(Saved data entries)

***

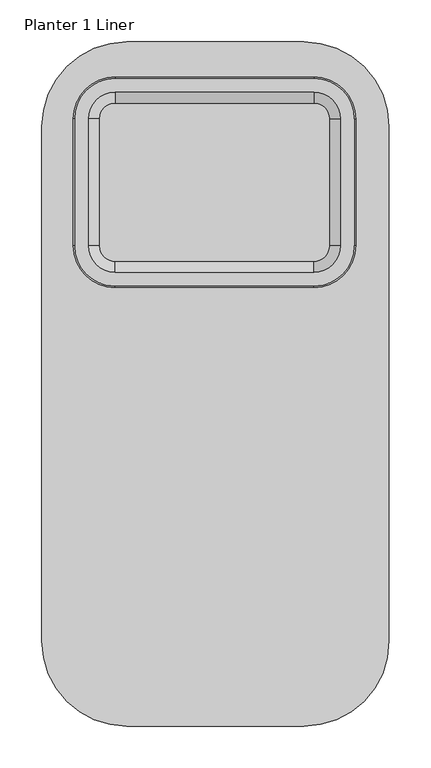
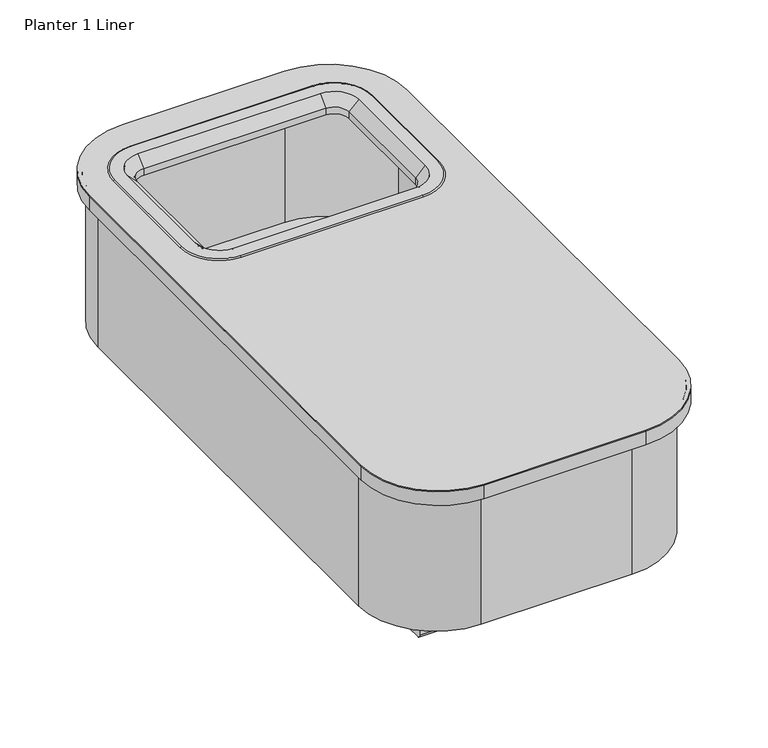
"""IFC4 building model written with IfcOpenShell, lengths in millimetres: furniture geometry, Coalesse_AM_Accessory_Planter_Ensemble_Modular : Planter 1 Liner."""

from ifc_helpers import new_model, si_unit, point, frame, frame_2d, origin, place, context, project, spatial, polyline, circle_curve, ellipse_curve, trimmed, segment, composite_curve, outline, extrude, source, transform, mapped, element, save
from ifc_brep_helpers import plane_surface, cylinder_surface, revolved_surface, advanced_brep


def planter_1_liner_2fb4910a(model_context):
    return source(origin(), model_context, "Body", "SolidModel", [
        advanced_brep(
        [(-99.8317392, 1.5738238, 336.1353963), (1.7667511, 103.1756653, 336.1353963), (1.7667511, 103.1756653, 337.5117024), (-99.8317392, 1.5738238, 337.5117024), (-99.8318137, 6.5835657, 317.458784), (-3.2429907, 103.1755745, 317.458784), (-3.2429907, 103.1755745, 336.1353963), (-99.8318137, 6.5835657, 336.1353963), (-311.6655737, 1.5706763, 337.5117024), (-311.6655737, 1.5706763, 336.1353963), (-311.6656481, 6.5804182, 336.1353963), (-311.6656481, 6.5804182, 317.458784), (-413.2670833, 103.1706763, 337.5117024), (-413.2670833, 103.1706763, 336.1353963), (-408.2573414, 103.1706763, 336.1353963), (-408.2573414, 103.1706763, 317.458784), (-413.2670833, 716.8822036, 337.5117024), (-413.2670833, 716.8822036, 336.1353963), (-408.2573414, 716.8822036, 336.1353963), (-408.2573414, 716.8822036, 317.458784), (-311.6674147, 818.4822036, 337.5117024), (-311.6674147, 818.4822036, 336.1353963), (-311.6673984, 813.4724617, 336.1353963), (-311.6673984, 813.4724617, 317.458784), (-356.4100674, 734.6877585, 317.458784), (-344.7208795, 751.9024687, 317.458784), (-344.7208795, 751.9024687, 337.5117024), (-356.4100674, 734.6877585, 337.5117024), (-99.8447036, 818.4828946, 337.5117024), (-99.8447036, 818.4828946, 336.1353963), (-99.8446872, 813.4731527, 336.1353963), (-99.8446872, 813.4731527, 317.458784), (1.7556278, 716.8847361, 337.5117024), (1.7556278, 716.8847361, 336.1353963), (-3.254114, 716.8846453, 336.1353963), (-3.254114, 716.8846453, 317.458784), (-325.7489393, 758.1941108, 337.5117024), (-88.0437417, 758.1941108, 337.5117024), (-56.2937417, 726.4441108, 337.5117024), (-56.2937417, 575.1960542, 337.5117024), (-88.0437417, 543.4460542, 337.5117024), (-325.7489393, 543.4460542, 337.5117024), (-357.4989393, 575.1960542, 337.5117024), (-357.4989393, 726.4441108, 337.5117024), (-357.4989393, 726.4441108, 317.458784), (-357.4989393, 575.1960542, 317.458784), (-325.7489393, 543.4460542, 317.458784), (-88.0437417, 543.4460542, 317.458784), (-56.2937417, 575.1960542, 317.458784), (-56.2937417, 726.4441108, 317.458784), (-88.0437417, 758.1941108, 317.458784), (-325.7489393, 758.1941108, 317.458784)],
        [
            (0, 1, circle_curve(frame((-99.8332488, 103.1738238, 336.1353963), z_axis=(0.0, 0.0, 1.0), x_axis=(0.9999999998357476, 1.8124700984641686e-05, 0.0)), 101.6)),
            (1, 2),
            (2, 3, circle_curve(frame((-99.8332488, 103.1738238, 337.5117024), z_axis=(0.0, 0.0, -1.0), x_axis=(0.9999999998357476, 1.8124700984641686e-05, 0.0)), 101.6)),
            (3, 0),
            (4, 5, circle_curve(frame((-99.8332488, 103.1738238, 317.458784), z_axis=(0.0, 0.0, 1.0), x_axis=(0.9999999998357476, 1.8124700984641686e-05, 0.0)), 96.5902581)),
            (5, 6),
            (6, 7, circle_curve(frame((-99.8332488, 103.1738238, 336.1353963), z_axis=(0.0, 0.0, -1.0), x_axis=(0.9999999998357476, 1.8124700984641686e-05, 0.0)), 96.5902581)),
            (7, 4),
            (3, 8),
            (8, 9),
            (9, 0),
            (7, 10),
            (10, 11),
            (11, 4),
            (8, 12, circle_curve(frame((-311.6670833, 103.1706763, 337.5117024), z_axis=(0.0, 0.0, -1.0), x_axis=(1.4858351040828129e-05, -0.9999999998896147, 0.0)), 101.6)),
            (12, 13),
            (13, 9, circle_curve(frame((-311.6670833, 103.1706763, 336.1353963), z_axis=(0.0, 0.0, 1.0), x_axis=(1.4858351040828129e-05, -0.9999999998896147, 0.0)), 101.6)),
            (10, 14, circle_curve(frame((-311.6670833, 103.1706763, 336.1353963), z_axis=(0.0, 0.0, -1.0), x_axis=(1.4858351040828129e-05, -0.9999999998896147, 0.0)), 96.5902581)),
            (14, 15),
            (15, 11, circle_curve(frame((-311.6670833, 103.1706763, 317.458784), z_axis=(0.0, 0.0, 1.0), x_axis=(1.4858351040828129e-05, -0.9999999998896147, 0.0)), 96.5902581)),
            (12, 16),
            (16, 17),
            (17, 13),
            (14, 18),
            (18, 19),
            (19, 15),
            (16, 20, circle_curve(frame((-311.6670833, 716.8822036, 337.5117024), z_axis=(0.0, 0.0, -1.0), x_axis=(-1.0, 0.0, 0.0)), 101.6)),
            (20, 21),
            (21, 17, circle_curve(frame((-311.6670833, 716.8822036, 336.1353963), z_axis=(0.0, 0.0, 1.0), x_axis=(-1.0, 0.0, 0.0)), 101.6)),
            (18, 22, circle_curve(frame((-311.6670833, 716.8822036, 336.1353963), z_axis=(0.0, 0.0, -1.0), x_axis=(-1.0, 0.0, 0.0)), 96.5902581)),
            (22, 23),
            (23, 19, circle_curve(frame((-311.6670833, 716.8822036, 317.458784), z_axis=(0.0, 0.0, 1.0), x_axis=(-1.0, 0.0, 0.0)), 96.5902581)),
            (24, 25, circle_curve(frame((-311.6670833, 716.8822036, 317.458784), z_axis=(0.0, 0.0, -1.0), x_axis=(-1.0, 0.0, 0.0)), 48.15571)),
            (25, 26),
            (26, 27, circle_curve(frame((-311.6670833, 716.8822036, 337.5117024), z_axis=(0.0, 0.0, 1.0), x_axis=(-1.0, 0.0, 0.0)), 48.15571)),
            (27, 24),
            (20, 28),
            (28, 29),
            (29, 21),
            (22, 30),
            (30, 31),
            (31, 23),
            (28, 32, circle_curve(frame((-99.8443721, 716.8828946, 337.5117024), z_axis=(0.0, 0.0, -1.0), x_axis=(-3.2622334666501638e-06, 0.9999999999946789, 0.0)), 101.6)),
            (32, 33),
            (33, 29, circle_curve(frame((-99.8443721, 716.8828946, 336.1353963), z_axis=(0.0, 0.0, 1.0), x_axis=(-3.2622334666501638e-06, 0.9999999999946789, 0.0)), 101.6)),
            (30, 34, circle_curve(frame((-99.8443721, 716.8828946, 336.1353963), z_axis=(0.0, 0.0, -1.0), x_axis=(-3.2622334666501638e-06, 0.9999999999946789, 0.0)), 96.5902581)),
            (34, 35),
            (35, 31, circle_curve(frame((-99.8443721, 716.8828946, 317.458784), z_axis=(0.0, 0.0, 1.0), x_axis=(-3.2622334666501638e-06, 0.9999999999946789, 0.0)), 96.5902581)),
            (2, 32),
            (26, 36, circle_curve(frame((-325.7489393, 726.4441108, 337.5117024), z_axis=(0.0, 0.0, -1.0), x_axis=(-1.0, 0.0, 0.0)), 31.75)),
            (36, 37),
            (37, 38, circle_curve(frame((-88.0437417, 726.4441108, 337.5117024), z_axis=(0.0, 0.0, -1.0), x_axis=(0.0, 1.0, 0.0)), 31.75)),
            (38, 39),
            (39, 40, circle_curve(frame((-88.0437417, 575.1960542, 337.5117024), z_axis=(0.0, 0.0, -1.0), x_axis=(1.0, 0.0, 0.0)), 31.75)),
            (40, 41),
            (41, 42, circle_curve(frame((-325.7489393, 575.1960542, 337.5117024), z_axis=(0.0, 0.0, -1.0), x_axis=(0.0, -1.0, 0.0)), 31.75)),
            (42, 43),
            (43, 27, circle_curve(frame((-325.7489393, 726.4441108, 337.5117024), z_axis=(0.0, 0.0, -1.0), x_axis=(-1.0, 0.0, 0.0)), 31.75)),
            (1, 33),
            (6, 34),
            (5, 35),
            (24, 44, circle_curve(frame((-325.7489393, 726.4441108, 317.458784), z_axis=(0.0, 0.0, 1.0), x_axis=(-1.0, 0.0, 0.0)), 31.75)),
            (44, 45),
            (45, 46, circle_curve(frame((-325.7489393, 575.1960542, 317.458784), z_axis=(0.0, 0.0, 1.0), x_axis=(0.0, -1.0, 0.0)), 31.75)),
            (46, 47),
            (47, 48, circle_curve(frame((-88.0437417, 575.1960542, 317.458784), z_axis=(0.0, 0.0, 1.0), x_axis=(1.0, 0.0, 0.0)), 31.75)),
            (48, 49),
            (49, 50, circle_curve(frame((-88.0437417, 726.4441108, 317.458784), z_axis=(0.0, 0.0, 1.0), x_axis=(0.0, 1.0, 0.0)), 31.75)),
            (50, 51),
            (51, 25, circle_curve(frame((-325.7489393, 726.4441108, 317.458784), z_axis=(0.0, 0.0, 1.0), x_axis=(-1.0, 0.0, 0.0)), 31.75)),
            (45, 42),
            (41, 46),
            (44, 43),
            (51, 36),
            (50, 37),
            (49, 38),
            (48, 39),
            (47, 40),
        ],
        [
            cylinder_surface(frame((-99.8332488, 103.1738238, 0.0), z_axis=(0.0, 0.0, -1.0), x_axis=(0.9999999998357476, 1.8124700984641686e-05, 0.0)), 101.6),
            cylinder_surface(frame((-99.8332488, 103.1738238, 0.0), z_axis=(0.0, 0.0, -1.0), x_axis=(0.9999999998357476, 1.8124700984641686e-05, 0.0)), 96.5902581),
            plane_surface(frame((-99.8317392, 1.5738238, 337.5117024), z_axis=(1.4858351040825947e-05, -0.9999999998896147, 0.0), x_axis=(-0.9999999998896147, -1.4858351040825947e-05, 0.0))),
            plane_surface(frame((-99.8318137, 6.5835657, 336.1353963), z_axis=(1.4858351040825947e-05, -0.9999999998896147, 0.0), x_axis=(-0.9999999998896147, -1.4858351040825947e-05, 0.0))),
            cylinder_surface(frame((-311.6670833, 103.1706763, 0.0), z_axis=(0.0, 0.0, -1.0), x_axis=(1.4858351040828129e-05, -0.9999999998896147, 0.0)), 101.6),
            cylinder_surface(frame((-311.6670833, 103.1706763, 0.0), z_axis=(0.0, 0.0, -1.0), x_axis=(1.4858351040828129e-05, -0.9999999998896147, 0.0)), 96.5902581),
            plane_surface(frame((-413.2670833, 103.1706763, 337.5117024), z_axis=(-1.0, 0.0, 0.0), x_axis=(0.0, 1.0, 0.0))),
            plane_surface(frame((-408.2573414, 103.1706763, 336.1353963), z_axis=(-1.0, 0.0, 0.0), x_axis=(0.0, 1.0, 0.0))),
            cylinder_surface(frame((-311.6670833, 716.8822036, 0.0), z_axis=(0.0, 0.0, -1.0), x_axis=(-1.0, 0.0, 0.0)), 101.6),
            cylinder_surface(frame((-311.6670833, 716.8822036, 0.0), z_axis=(0.0, 0.0, -1.0), x_axis=(-1.0, 0.0, 0.0)), 96.5902581),
            revolved_surface(polyline([(-359.8227933, 716.8822036, 317.458784), (-359.8227933, 716.8822036, 337.5117024)]), (-311.6670833, 716.8822036, 0.0), (0.0, 0.0, -1.0)),
            plane_surface(frame((-311.6674147, 818.4822036, 337.5117024), z_axis=(-3.2622334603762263e-06, 0.9999999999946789, 0.0), x_axis=(0.9999999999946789, 3.2622334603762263e-06, 0.0))),
            plane_surface(frame((-311.6673984, 813.4724617, 336.1353963), z_axis=(-3.2622334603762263e-06, 0.9999999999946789, 0.0), x_axis=(0.9999999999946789, 3.2622334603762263e-06, 0.0))),
            cylinder_surface(frame((-99.8443721, 716.8828946, 0.0), z_axis=(0.0, 0.0, -1.0), x_axis=(-3.2622334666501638e-06, 0.9999999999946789, 0.0)), 101.6),
            cylinder_surface(frame((-99.8443721, 716.8828946, 0.0), z_axis=(0.0, 0.0, -1.0), x_axis=(-3.2622334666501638e-06, 0.9999999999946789, 0.0)), 96.5902581),
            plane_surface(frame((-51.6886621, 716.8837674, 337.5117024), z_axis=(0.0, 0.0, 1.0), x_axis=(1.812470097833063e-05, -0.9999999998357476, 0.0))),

***

REQUIRED WORK> Wherever a line in the records contains the word "source", copy that line.

RESPONSE AREA>
from ifc_helpers import new_model, si_unit, point, frame, frame_2d, origin, place, context, project, spatial, polyline, circle_curve, ellipse_curve, trimmed, segment, composite_curve, outline, extrude, source, transform, mapped, element, save
    return source(origin(), model_context, "Body", "SolidModel", [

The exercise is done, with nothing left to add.